2, Project background

  • We want to know about competitive products and market information from the perspective of users

  • Introduction to Ukulele properties

    • Size: Soprano 21 "Concert 23" tenor 26 "
    • Material: basswood, ebony, peach blossom core, plastic
    • Color: log color, red, blue, black
  • Take a look at the composition of Amazon comments. Our main analysis object is the comment body

  • Project requirements:

    • Breakdown of sales of competitive products: the main sales products of competitive products are deduced through the number of historical comments on different models in the comments on competitive products
    • Specific voice of high score and low score of competitive products: what are the comments with a high score of 4-5, what are the users with a low score of 1-2, and what are the aspects we pay more attention to
  • Technical realization:

    • Refinement of competitive products
    • High score and low score keyword extraction

3, Introduction to text mining related methods

1. How to represent text with numeric values

  • Machines do not understand human's natural language.
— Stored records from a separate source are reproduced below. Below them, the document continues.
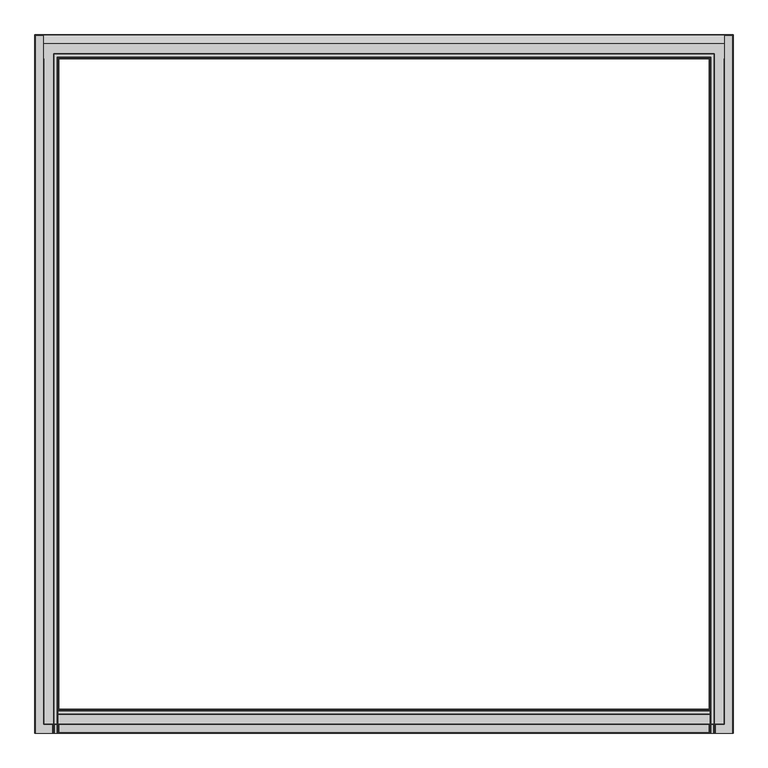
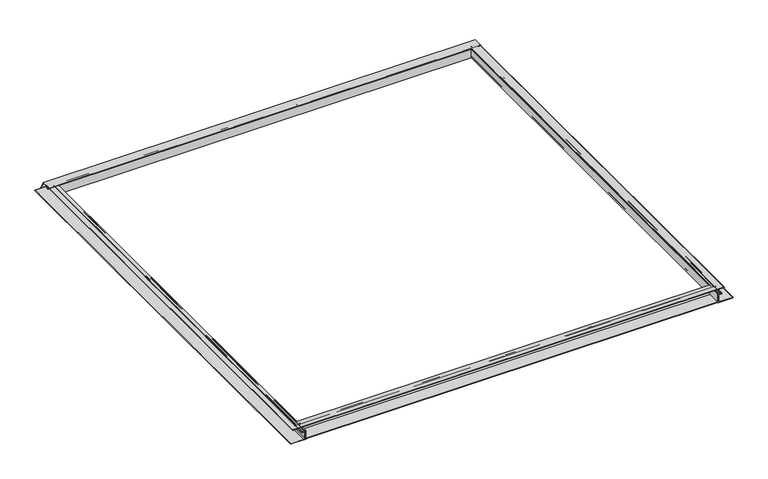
"""IFC4 building model written with IfcOpenShell, lengths in millimetres: fastener geometry."""

from ifc_helpers import new_model, si_unit, point, frame, frame_2d, origin, place, context, project, spatial, polyline, circle_curve, ellipse_curve, trimmed, segment, composite_curve, outline, extrude, source, transform, mapped, element, save
from ifc_brep_helpers import plane_surface, cylinder_surface, revolved_surface, advanced_brep


def fastener_e2efdb11(model_context):
    return source(origin(), model_context, "Body", "SolidModel", [
        advanced_brep(
        [(-1189.1053092, 1141.2343456, -2.667), (-1189.1053092, 1135.3165, -2.667), (-1189.1053092, 1135.3165, -1.3335), (-1189.1053092, 1135.3165, 0.0), (-1189.1053092, 1190.6451024, 0.0), (-1189.1053092, 1217.7515464, -46.9497383), (-1189.1053092, 1215.4418567, -48.2832383), (-1189.1053092, 1189.1053092, -2.667), (-1189.1053092, 1161.8308783, -2.667), (-1189.1053092, 1159.573508, -4.9243702), (-1189.1053092, 1159.573508, -14.2617849), (-1189.1053092, 1149.6719492, -14.2617849), (-1189.1053092, 1149.6719492, -12.2646442), (-1189.1053092, 1150.5032605, -12.2646442), (-1189.1053092, 1151.5117177, -11.256187), (-1189.1053092, 1151.5117177, -9.3645413), (-1189.1053092, 1156.2117258, -9.3645413), (-1189.1053092, 1156.2117258, -2.667), (-1189.1053092, 1152.1178999, -2.667), (-1189.1053092, 1151.9131963, -4.7080293), (-1189.1053092, 1152.9812344, -5.7760674), (-1189.1053092, 1152.5091166, -6.6975413), (-1189.1053092, 1140.8431289, -6.6975413), (-1189.1053092, 1140.3710112, -5.7760674), (-1189.1053092, 1141.4390493, -4.7080293), (1189.1053092, 1141.2343456, -2.667), (1189.1053092, 1141.4390493, -4.7080293), (1189.1053092, 1140.3710112, -5.7760674), (1189.1053092, 1140.8431289, -6.6975413), (1189.1053092, 1152.5091166, -6.6975413), (1189.1053092, 1152.9812344, -5.7760674), (1189.1053092, 1151.9131963, -4.7080293), (1189.1053092, 1152.1178999, -2.667), (1189.1053092, 1156.2117258, -2.667), (1189.1053092, 1156.2117258, -9.3645413), (1189.1053092, 1151.5117177, -9.3645413), (1189.1053092, 1151.5117177, -11.256187), (1189.1053092, 1150.5032605, -12.2646442), (1189.1053092, 1149.6719492, -12.2646442), (1189.1053092, 1149.6719492, -14.2617849), (1189.1053092, 1159.573508, -14.2617849), (1189.1053092, 1159.573508, -4.9243702), (1189.1053092, 1161.8308783, -2.667), (1189.1053092, 1189.1053092, -2.667), (1189.1053092, 1215.4418567, -48.2832383), (1189.1053092, 1217.7515464, -46.9497383), (1189.1053092, 1190.6451024, 0.0), (1189.1053092, 1135.3165, 0.0), (1189.1053092, 1135.3165, -1.3335), (1189.1053092, 1135.3165, -2.667), (1187.7718092, 1135.3165, -2.667), (1187.7718092, -1187.7718092, -2.667), (-1187.7718092, -1187.7718092, -2.667), (-1187.7718092, 1135.3165, -2.667), (1135.3165, 1135.3165, -2.667), (-1135.3165, 1135.3165, -2.667), (-1135.3165, -1135.3165, -2.667), (1135.3165, -1135.3165, -2.667), (-1141.2160631, 1135.3165, -2.667), (-1152.1361825, 1135.3165, -2.667), (-1152.1361825, -1152.1361825, -2.667), (1152.1361825, -1152.1361825, -2.667), (1152.1361825, 1135.3165, -2.667), (1141.2160631, 1135.3165, -2.667), (1141.2160631, -1141.2160631, -2.667), (-1141.2160631, -1141.2160631, -2.667), (-1156.2117258, 1135.3165, -2.667), (-1161.8308783, 1135.3165, -2.667), (-1161.8308783, -1161.8308783, -2.667), (1161.8308783, -1161.8308783, -2.667), (1161.8308783, 1135.3165, -2.667), (1156.2117258, 1135.3165, -2.667), (1156.2117258, -1156.2117258, -2.667), (-1156.2117258, -1156.2117258, -2.667), (-1187.7718092, 1135.3165, 0.0), (1187.7718092, 1135.3165, 0.0), (1135.3165, 1135.3165, 0.0), (-1135.3165, 1135.3165, 0.0), (-1187.7718092, -1187.7718092, 0.0), (1187.7718092, -1187.7718092, 0.0), (1135.3165, -1135.3165, 0.0), (-1135.3165, -1135.3165, 0.0), (-1141.4390493, 1135.3165, -4.7199355), (-1140.3710112, 1135.3165, -5.7879736), (-1140.8431289, 1135.3165, -6.7094475), (-1152.5091166, 1135.3165, -6.7094475), (-1152.9812344, 1135.3165, -5.7879736), (-1151.9131963, 1135.3165, -4.7199355), (-1156.2117258, 1135.3165, -9.3764475), (-1151.5117177, 1135.3165, -9.3764475), (-1151.5117177, 1135.3165, -11.2680933), (-1150.5032605, 1135.3165, -12.2765504), (-1149.6719492, 1135.3165, -12.2765504), (-1149.6719492, 1135.3165, -14.2617849), (-1159.573508, 1135.3165, -14.2617849), (-1159.573508, 1135.3165, -4.9243702), (-1141.4390493, -1141.4390493, -4.7199355), (-1140.3710112, -1140.3710112, -5.7879736), (-1140.8431289, -1140.8431289, -6.7094475), (1140.8431289, -1140.8431289, -6.7094475), (1140.8431289, 1135.3165, -6.7094475), (1152.5091166, 1135.3165, -6.7094475), (1152.5091166, -1152.5091166, -6.7094475), (-1152.5091166, -1152.5091166, -6.7094475), (-1152.9812344, -1152.9812344, -5.7879736), (-1151.9131963, -1151.9131963, -4.7199355), (-1156.2117258, -1156.2117258, -9.3764475), (1156.2117258, -1156.2117258, -9.3764475), (1156.2117258, 1135.3165, -9.3764475), (1151.5117177, 1135.3165, -9.3764475), (1151.5117177, -1151.5117177, -9.3764475), (-1151.5117177, -1151.5117177, -9.3764475), (-1151.5117177, -1151.5117177, -11.2680933), (-1150.5032605, -1150.5032605, -12.2765504), (1150.5032605, -1150.5032605, -12.2765504), (1150.5032605, 1135.3165, -12.2765504), (1149.6719492, 1135.3165, -12.2765504), (1149.6719492, -1149.6719492, -12.2765504), (-1149.6719492, -1149.6719492, -12.2765504), (-1149.6719492, -1149.6719492, -14.2617849), (1149.6719492, -1149.6719492, -14.2617849), (1149.6719492, 1135.3165, -14.2617849), (1159.573508, 1135.3165, -14.2617849), (1159.573508, -1159.573508, -14.2617849), (-1159.573508, -1159.573508, -14.2617849), (-1159.573508, -1159.573508, -4.9243702), (1141.4390493, -1141.4390493, -4.7199355), (1140.3710112, -1140.3710112, -5.7879736), (1152.9812344, -1152.9812344, -5.7879736), (1151.9131963, -1151.9131963, -4.7199355), (1151.5117177, -1151.5117177, -11.2680933), (1159.573508, -1159.573508, -4.9243702), (1140.3710112, 1135.3165, -5.7879736), (1141.4390493, 1135.3165, -4.7199355), (1151.9131963, 1135.3165, -4.7199355), (1152.9812344, 1135.3165, -5.7879736), (1159.573508, 1135.3165, -4.9243702), (1151.5117177, 1135.3165, -11.2680933)],
        [
            (0, 1),
            (1, 2),
            (2, 3),
            (3, 4),
            (4, 5),
            (5, 6),
            (6, 7),
            (7, 8),
            (8, 9, circle_curve(frame((-1189.1053092, 1161.8308783, -4.9243702), z_axis=(1.0, 0.0, 0.0), x_axis=(0.0, 1.0, 0.0)), 2.2573702)),
            (9, 10),
            (10, 11),
            (11, 12, circle_curve(frame((-1189.1053092, 1149.6719492, -13.2632145), z_axis=(-1.0, 0.0, 0.0), x_axis=(0.0, 1.0, 0.0)), 0.9985703)),
            (12, 13),
            (13, 14, circle_curve(frame((-1189.1053092, 1150.5032605, -11.256187), z_axis=(1.0, 0.0, 0.0), x_axis=(0.0, 1.0, 0.0)), 1.0084572)),
            (14, 15),
            (15, 16),
            (16, 17),
            (17, 18),
            (18, 19, circle_curve(frame((-1189.1053092, 1152.8500183, -3.7712073), z_axis=(1.0, 0.0, 0.0), x_axis=(0.0, 1.0, 0.0)), 1.3248664)),
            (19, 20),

We need to convert natural language into a "language" that is easy for machines to understand, NLP (Natural language processing)

  • In NLP, the most fine-grained is words. Words form sentences, and sentences form paragraphs, chapters and documents. Therefore, to deal with NLP, we must first deal with words

  • The ultimate goal of word processing is to represent words with vectors

    ① Get original text: Yes, Everjoys ukulele is the right Soprano Ukulele I have been looking for. It arrived earlier and very well packed, just the way I expected

    ② Participle: [Yes', 'Yes',' Everjoys', 'ukulele', 'is',' the ',' right ',' Soprano ',' ukulele ',' I ',' have ',' be ',' looking ',' for ',' It ',' arrived ',' early ',' and ',' very ',' well ',' packed ',' just ',' the ',' way ',' I ',' expected. ']

    jieba

    ③ Vectorization coding: [1,0,1,0,1,0,1,0...]

    Male [1,0]

    Female [0,1]

    Beijing [1,0,0]

    Shanghai [0,1,0]

    Shenzhen [0,0,1]

    onehot coding

    pd.get_dummies()

  • Content to be processed in word segmentation stage:

    • First, split a sentence into one word. English word segmentation is very simple. It can be directly through the space. Chinese word segmentation can use a tripartite library such as jieba

    • I'd I would

    • I have

    • Next, we need to restore the words with temporal changes to the unchanged words

      • Stem extraction – Stemming

        Stem extraction is the process of getting the root of a word by removing the affixes.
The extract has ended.